# Acer Aspire 7540, Alt+F10 not working.



## dj-anakin (Aug 31, 2004)

I've been working on this all day, following every bit of advice I can find on it. 

Acer Aspire 7540 with Win7 64bit is my retired neighbors laptop, dunno what happened, but when I got it the windows and program files folders weren't there. First thing I did was tried Alt+F10 and it never worked. Went through some processes I saw online, nothing worked. Reinstalled Win7 using my retail disc, and it installed, but it wouldn't activate, obviously. Did some more stuff and saw on the X: drive after booting into repair disc > cmd window, I saw a setup.exe file, ran it, and it started installing Win7. I let it finish, put in the license key on the sticker on the bottom of the computer, and it activated. So, that's good.

When I go to the page for this laptop on acer.com, it does not list eRecovery or anything remotely like it.
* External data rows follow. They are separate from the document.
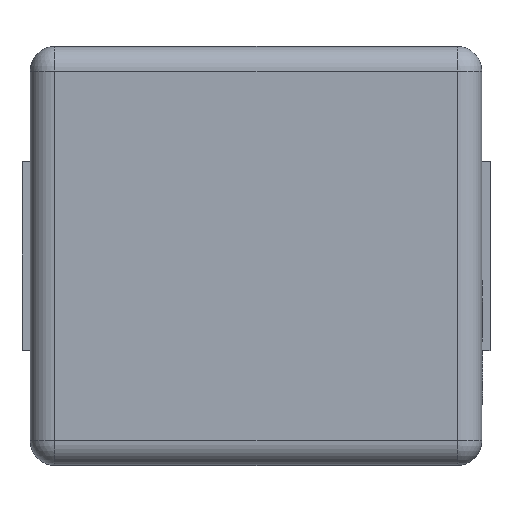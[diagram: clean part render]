
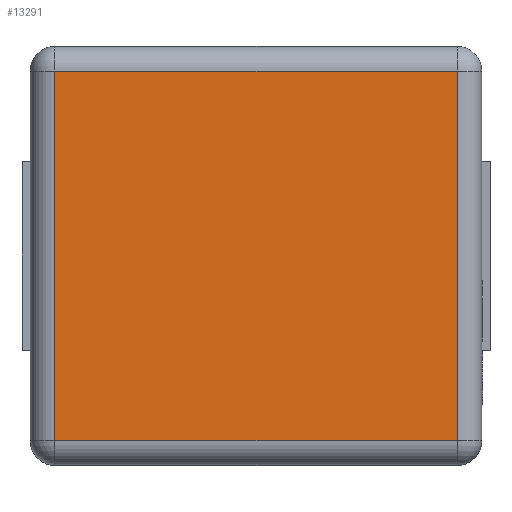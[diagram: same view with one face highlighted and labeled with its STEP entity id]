
A CAD part, top view. The second image highlights one B-rep face of the part: STEP entity #13291.
In plain terms, the highlighted planar face has unit normal (0, 0, 1).
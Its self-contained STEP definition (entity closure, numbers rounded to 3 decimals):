
#151 = ORIENTED_EDGE ( 'NONE', *, *, #262, .T. ) ;
#262 = EDGE_CURVE ( 'NONE', #10463, #10630, #2783, .T. ) ;
#397 = CARTESIAN_POINT ( 'NONE',  ( -2.45, -2.55, 3. ) ) ;
#1056 = DIRECTION ( 'NONE',  ( -1., 0., 0. ) ) ;
#2183 = LINE ( 'NONE', #5358, #14276 ) ;
#2638 = VECTOR ( 'NONE', #6827, 1000. ) ;
#2757 = CARTESIAN_POINT ( 'NONE',  ( -2.45, -2.25, 3. ) ) ;
#2783 = LINE ( 'NONE', #10951, #13926 ) ;
#3660 = DIRECTION ( 'NONE',  ( 0., -1., 0. ) ) ;
#4247 = CARTESIAN_POINT ( 'NONE',  ( 2.75, -2.25, 3. ) ) ;
#5082 = CARTESIAN_POINT ( 'NONE',  ( 2.45, 2.25, 3. ) ) ;
#5358 = CARTESIAN_POINT ( 'NONE',  ( -2.75, 2.25, 3. ) ) ;
#5502 = DIRECTION ( 'NONE',  ( 0., 0., 1. ) ) ;
#5791 = EDGE_CURVE ( 'NONE', #6092, #10623, #8526, .T. ) ;
#6092 = VERTEX_POINT ( 'NONE', #9179 ) ;
#6661 = ORIENTED_EDGE ( 'NONE', *, *, #5791, .T. ) ;
#6827 = DIRECTION ( 'NONE',  ( 1., 0., 0. ) ) ;
#7304 = ORIENTED_EDGE ( 'NONE', *, *, #14523, .T. ) ;
#7383 = DIRECTION ( 'NONE',  ( 0., 1., 0. ) ) ;
#7716 = DIRECTION ( 'NONE',  ( 1., 0., 0. ) ) ;
#7859 = PLANE ( 'NONE',  #8667 ) ;
#8051 = LINE ( 'NONE', #4247, #2638 ) ;
#8377 = VECTOR ( 'NONE', #3660, 1000. ) ;
#8526 = LINE ( 'NONE', #397, #8377 ) ;
#8629 = ORIENTED_EDGE ( 'NONE', *, *, #13935, .T. ) ;
#8667 = AXIS2_PLACEMENT_3D ( 'NONE', #8790, #5502, #7716 ) ;
#8790 = CARTESIAN_POINT ( 'NONE',  ( 0., 0., 3. ) ) ;
#9179 = CARTESIAN_POINT ( 'NONE',  ( -2.45, 2.25, 3. ) ) ;
#10463 = VERTEX_POINT ( 'NONE', #13522 ) ;
#10623 = VERTEX_POINT ( 'NONE', #2757 ) ;
#10630 = VERTEX_POINT ( 'NONE', #5082 ) ;
#10951 = CARTESIAN_POINT ( 'NONE',  ( 2.45, 2.55, 3. ) ) ;
#13291 = ADVANCED_FACE ( 'NONE', ( #14720 ), #7859, .T. ) ;
#13522 = CARTESIAN_POINT ( 'NONE',  ( 2.45, -2.25, 3. ) ) ;
#13926 = VECTOR ( 'NONE', #7383, 1000. ) ;
#13935 = EDGE_CURVE ( 'NONE', #10630, #6092, #2183, .T. ) ;
#14192 = EDGE_LOOP ( 'NONE', ( #6661, #7304, #151, #8629 ) ) ;
#14276 = VECTOR ( 'NONE', #1056, 1000. ) ;
#14523 = EDGE_CURVE ( 'NONE', #10623, #10463, #8051, .T. ) ;
#14720 = FACE_OUTER_BOUND ( 'NONE', #14192, .T. ) ;

I'm sure I can find a version of eRecovery, but i'm not sure if they're model specific.

But now, I want to make sure if something else happens, I would be able to reinstall easily if needed. Alt+F10 does not work still, and I don't know why. I know Acer requires their own MBR, but I can't get it to work.

I found this link, and I can't find the aimdrs.dat file. Skipping it, I also can't find mbrwrwin.exe and rtmbr.bin.

So, advice? Thanks again. This forum has helped me a couple times before with BSOD issues on my desktop and i'm hoping you guys can come through again!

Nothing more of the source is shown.